French Opera at the Fin de Siècle
Title | French Opera at the Fin de Siècle PDF eBook |
Author | Steven Huebner |
Publisher | Oxford University Press |
Pages | 552 |
Release | 2006-02-02 |
Genre | Music |
ISBN | 9780199719921 |
This is the first book-length study of the rich operatic repertory written and performed in France during the last two decades of the nineteenth century. Steven Huebner gives an accessible and colorful account of such operatic favorites as Manon and Werther by Massenet, Louise by Charpentier, and lesser-known gems such as Chabrier's Le Roi malgré lui and Chausson's Le Roi Arthus.
Conversations with Cézanne
Title | Conversations with Cézanne PDF eBook |
Author | Paul Cézanne |
Publisher | Univ of California Press |
Pages | 326 |
Release | 2001 |
Genre | Art |
ISBN | 9780520225176 |
This book gathers the commentary of people who knew the painter Paul Cezanne, especially in his later years. Now seen as one of the most influential of modern painters, in his 40s he returned to his village of Aix-en-Provence where, he worked in near obscurity and with great dedication until his death in 1906.

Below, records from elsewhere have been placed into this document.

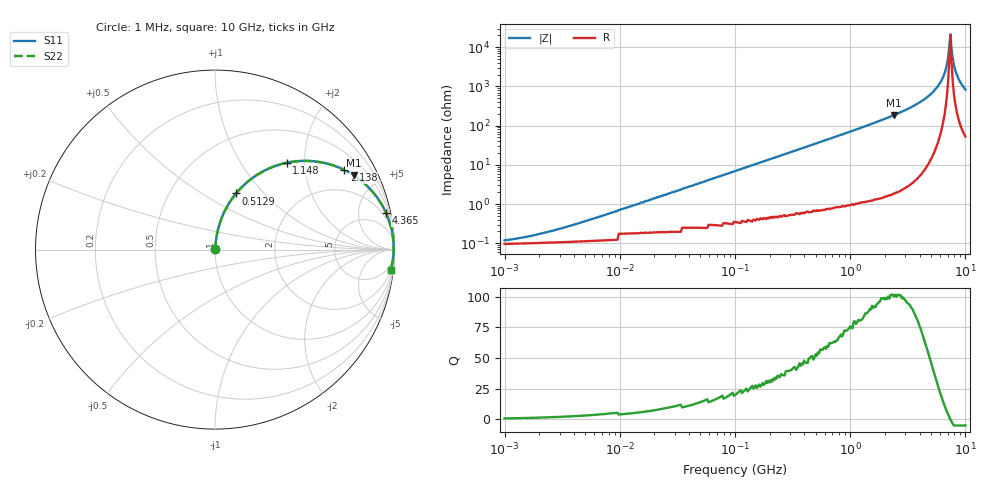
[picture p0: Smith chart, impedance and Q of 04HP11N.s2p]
# MHz S MA R 50
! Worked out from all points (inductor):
!   401 points, 1 MHz to 10 GHz, reference 50 ohm
!   read as one part in series: L = 11 nH near 4.898 MHz
!   highest Q = 101 at 2.399 GHz (marker M1), where L = 12.3 nH
!   self-resonance near 7.244 GHz
!   S11 on the Smith chart (normalised r, x): 1 MHz: 1.00, +0.00; 512.9 MHz: 1.01, +0.71; 1.148 GHz: 1.02, +1.63; 2.138 GHz: 1.03, +3.22; 4.365 GHz: 1.16, +9.24; 10 GHz: 2, -17
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1  0.001147 37.0  0.999 -0.0  0.999 -0.0  0.001147 37.0
4.677  0.003454 69.0  0.999 -0.2  0.999 -0.2  0.003454 69.0
21.878  0.015 82.0  0.998 -0.9  0.998 -0.9  0.015 82.0
102.329  0.07 83.3  0.994 -4.0  0.994 -4.0  0.07 83.3
467.735  0.307 71.0  0.946 -17.9  0.946 -17.9  0.307 71.0
512.861  0.334 69.4  0.936 -19.5  0.936 -19.5  0.334 69.4
1148.154  0.627 50.5  0.771 -38.8  0.771 -38.8  0.627 50.5
2137.962  0.846 31.7  0.525 -57.8  0.525 -57.8  0.846 31.7
2187.762  0.852 31.0  0.514 -58.5  0.514 -58.5  0.852 31.0
2398.833  0.876 28.2  0.473 -61.2  0.473 -61.2  0.876 28.2
4365.158  0.974 12.2  0.211 -77.0  0.211 -77.0  0.974 12.2
5370.318  0.989 7.3  0.126 -81.2  0.126 -81.2  0.989 7.3
6165.95  0.994 4.1  0.072 -82.9  0.072 -82.9  0.994 4.1
6606.934  0.995 2.5  0.045 -82.2  0.045 -82.2  0.995 2.5
6918.31  0.995 1.5  0.027 -79.3  0.027 -79.3  0.995 1.5
7079.458  0.995 1.0  0.018 -74.9  0.018 -74.9  0.995 1.0
7413.102  0.995 -0.0  0.004694 4.6  0.004694 4.6  0.995 -0.0
7585.776  0.995 -0.5  0.011 62.1  0.011 62.1  0.995 -0.5
8128.305  0.994 -2.1  0.037 79.5  0.037 79.5  0.994 -2.1
8511.38  0.993 -3.1  0.054 80.9  0.054 80.9  0.993 -3.1
9332.543  0.989 -5.2  0.09 80.6  0.09 80.6  0.989 -5.2
10000  0.986 -6.7  0.118 79.6  0.118 79.6  0.986 -6.7
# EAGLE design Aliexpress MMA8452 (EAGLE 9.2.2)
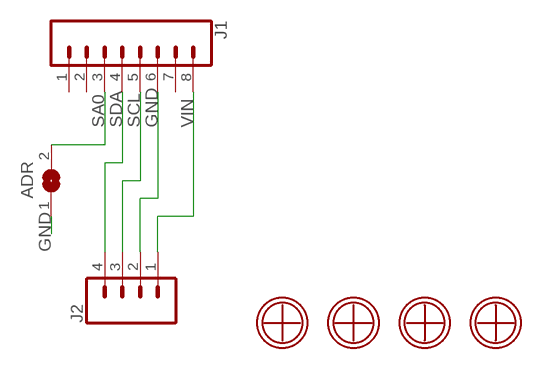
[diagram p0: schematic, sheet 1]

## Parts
ADR  SOLDERJUMPERREFLOW  [SOLDERJUMPER_REFLOW]
J1  CONN_08"  [1X08]
J2  CONN_04  [1X04]
U$1  3.2MM-5MM  [3.2MM-5MM]
U$2  3.2MM-5MM  [3.2MM-5MM]
U$3  3.2MM-5MM  [3.2MM-5MM]
U$4  3.2MM-5MM  [3.2MM-5MM]

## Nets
GND: ADR.1 J1.6 J2.2
SA0: ADR.2 J1.3
SCL: J1.5 J2.3
SDA: J1.4 J2.4
VIN: J1.8 J2.1
Unconnected: J1.1 J1.2 J1.7 U$1.P$1 U$2.P$1 U$3.P$1 U$4.P$1

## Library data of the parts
ADR = #microbuilder:SOLDERJUMPER: SMD Solder JUMPER
J1 = SparkFun-Connectors:CONN_08: Multi connection point. Often used as Generic Header-pin footprint for 0.1 inch spaced/style header connections On any of the 0.1 inch spaced packages, you can populate with these: Break Away Headers - Straight (PRT-00116) Break Away Male Headers - Right Angle (PRT-00553) Female Headers (PRT-00115)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; PROD_ID: CONN-08438
J2 = SparkFun-Connectors:CONN_04: Multi connection point. Often used as Generic Header-pin footprint for 0.1 inch spaced/style header connections On any of the 0.1 inch spaced packages, you can populate with these: Break Away Headers - Straight (PRT-00116) Break Away Male Headers - Right Angle (PRT-00553) Female Headers (PRT-00115)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; PROD_ID: CONN-09696
U$1-U$4 = #Holes:3.2MM-5MM

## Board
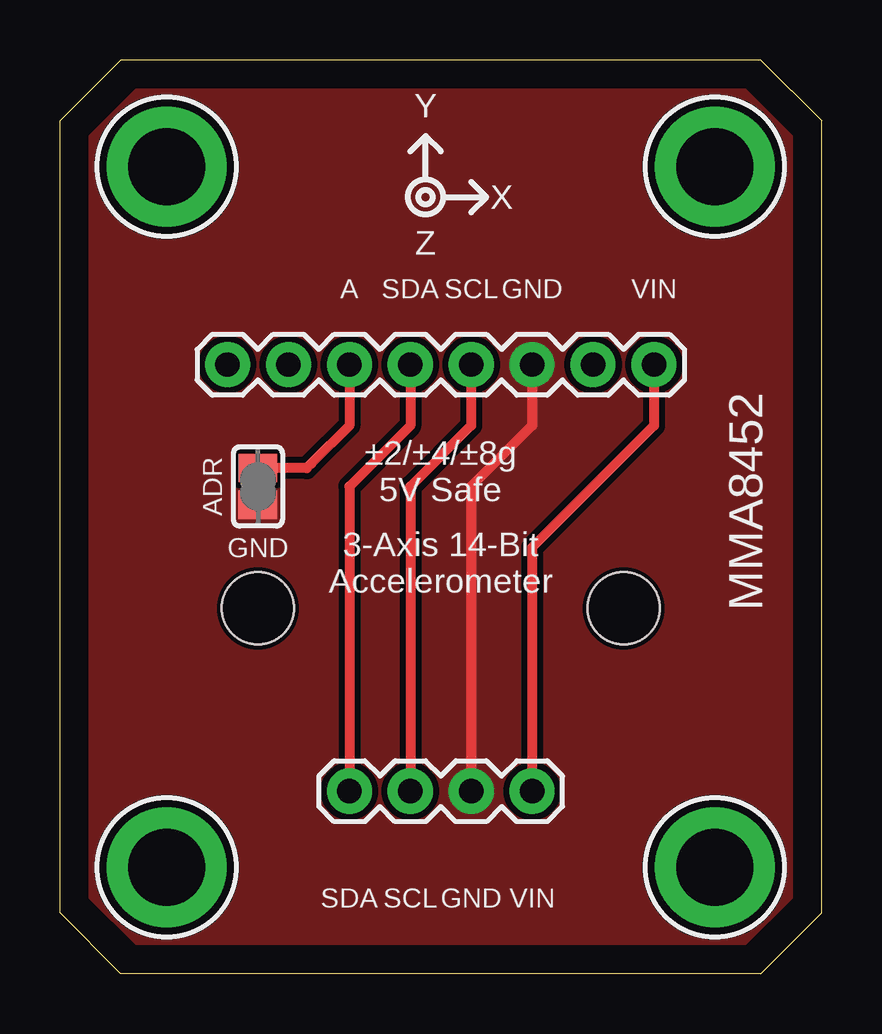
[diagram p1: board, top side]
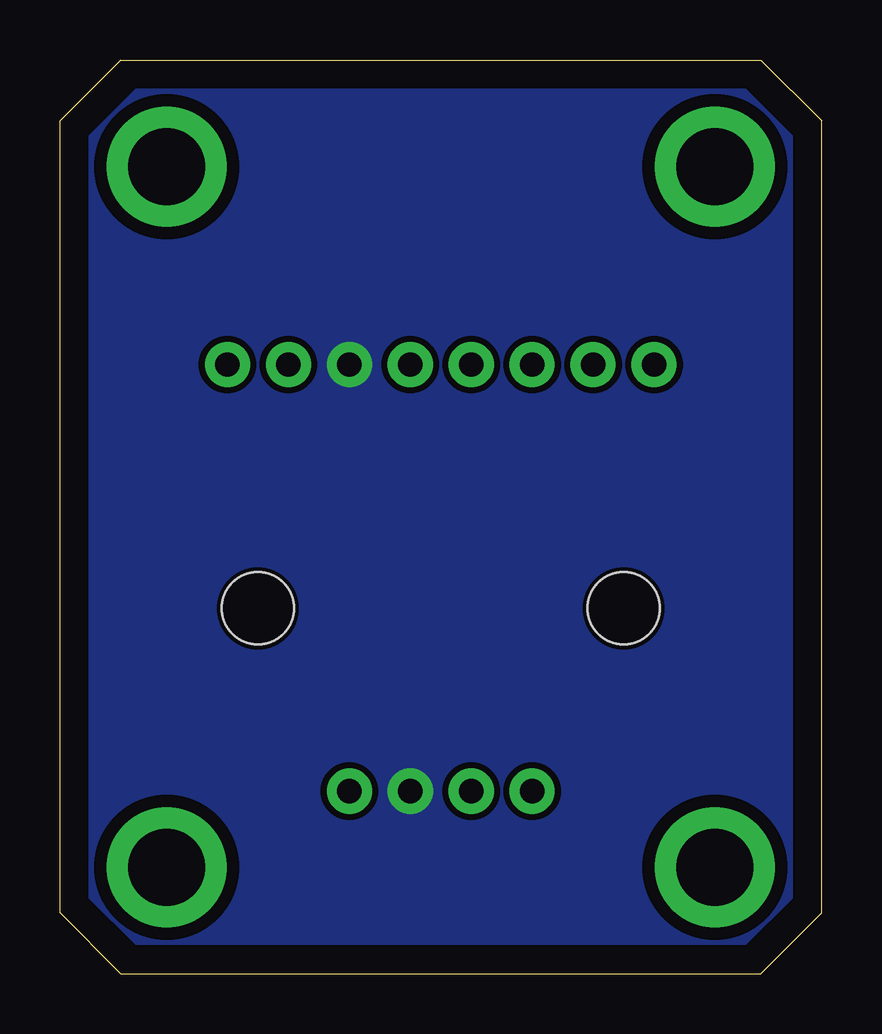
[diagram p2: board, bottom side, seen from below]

Size 31.75 x 38.1 mm. Coordinates in mm from the lower left corner, seen from the top.
Outline: 29.21,0 2.54,0 0,2.54 0,35.56 2.54,38.1 29.21,38.1 31.75,35.56 31.75,2.54 29.21,0
Copper layers (1*16): Top 0.035mm / dielectric 1.5mm / Bottom 0.035mm
Design rules "SparkFun 2 Layer Design Rule - STANDARD": minimum track width 10mil, minimum drill 20mil, track to track 10mil, track to pad 8mil, pad to pad 8mil, via to via 10mil, smd to smd 8mil, copper to edge 8mil, drill to drill 8mil, minimum pad ring 10mil, minimum via ring 10mil, stop-mask expansion 4mil, vias tented up to drill 25mil, thermal gap 10mil
Holes 3 mm at 8.25,15.24 23.5,15.24

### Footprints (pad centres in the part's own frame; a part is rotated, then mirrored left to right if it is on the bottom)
SOLDERJUMPER_REFLOW = smd 1.168 x 1.6: 1 -0.762,0; 2 0.762,0
1X08 = drill 1.016 pad 1.88: 1 0,0; 2 2.54,0; 3 5.08,0; 4 7.62,0; 5 10.16,0; 6 12.7,0; 7 15.24,0; 8 17.78,0
1X04 = drill 1.016 pad 1.88: 1 0,0; 2 2.54,0; 3 5.08,0; 4 7.62,0
3.2MM-5MM = drill 3.2 pad 5: P$1 0,0

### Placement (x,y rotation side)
ADR  8.25,20.32 90 top
J1  6.98,25.4 0 top
J2  19.69,7.62 180 top
U$1  4.45,33.66 0 top
U$2  27.3,33.66 0 top
U$3  4.45,4.45 0 top
U$4  27.3,4.45 0 top

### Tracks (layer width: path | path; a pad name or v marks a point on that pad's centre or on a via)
GND
  Top 0.406: J1.6 19.69,22.86 17.14,20.32 J2.2
  pour Bottom (no thermals): 3.18,36.83 28.57,36.83 30.48,34.92 30.48,3.17 28.57,1.27 3.18,1.27 1.27,3.17 1.27,34.92
  pour Top (no thermals): 3.18,36.83 28.57,36.83 30.48,34.92 30.48,3.17 28.57,1.27 3.18,1.27 1.27,3.17 1.27,34.92
SA0
  Top 0.406: J1.3 12.06,22.86 10.48,21.27 | 10.48,21.27 10.29,21.08 | 10.48,21.27 10.29,21.08 | 10.29,21.08 ADR.2
SCL
  Top 0.406: J2.3 14.6,20.32 17.14,22.86 J1.5
SDA
  Top 0.406: J2.4 12.06,20.32 14.6,22.86 J1.4
VIN
  Top 0.406: J1.8 24.77,22.86 19.69,17.78 J2.1

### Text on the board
tPlace: Y | X | Z | ±2/±4/±8g / 5V Safe | 3-Axis 14-Bit / Accelerometer
tNames: A | SDA | SCL | GND | VIN | ADR | MMA8452 | GND | SDA | SCL | GND | VIN

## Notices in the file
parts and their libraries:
SparkFun-Connectors: Licensing: Creative Commons ShareAlike 4.0 International - https://creativecommons.org/licenses/by-sa/4.0
This work is placed in the public domain, and may be freely used for commercial and non-commercial work with the following conditions:

The Prima Donna and Opera, 1815-1930
Title | The Prima Donna and Opera, 1815-1930 PDF eBook |
Author | Susan Rutherford |
Publisher | Cambridge University Press |
Pages | 26 |
Release | 2006-08-10 |
Genre | Music |
ISBN | 052185167X |
An examination of the female opera singer during the nineteenth and twentieth centuries.
Opera Acts
Title | Opera Acts PDF eBook |
Author | Karen Henson |
Publisher | Cambridge University Press |
Pages | 281 |
Release | 2015-01-15 |
Genre | Music |
ISBN | 1107004268 |
Opera Acts explores a wealth of new historical material about singers in the late nineteenth century and challenges the idea that this was a period of decline for the opera singer. In detailed case studies of four figures - the late Verdi baritone Victor Maurel; Bizet's first Carmen, Célestine Galli-Marié; Massenet's muse of the 1880s and 1890s, Sibyl Sanderson; and the early Wagner star Jean de Reszke - Karen Henson argues that singers in the late nineteenth century continued to be important, but in ways that were not conventionally 'vocal'. Instead they enjoyed a freedom and creativity based on their ability to express text, act and communicate physically, and exploit the era's media. By these and other means, singers played a crucial role in the creation of opera up to the end of the nineteenth century.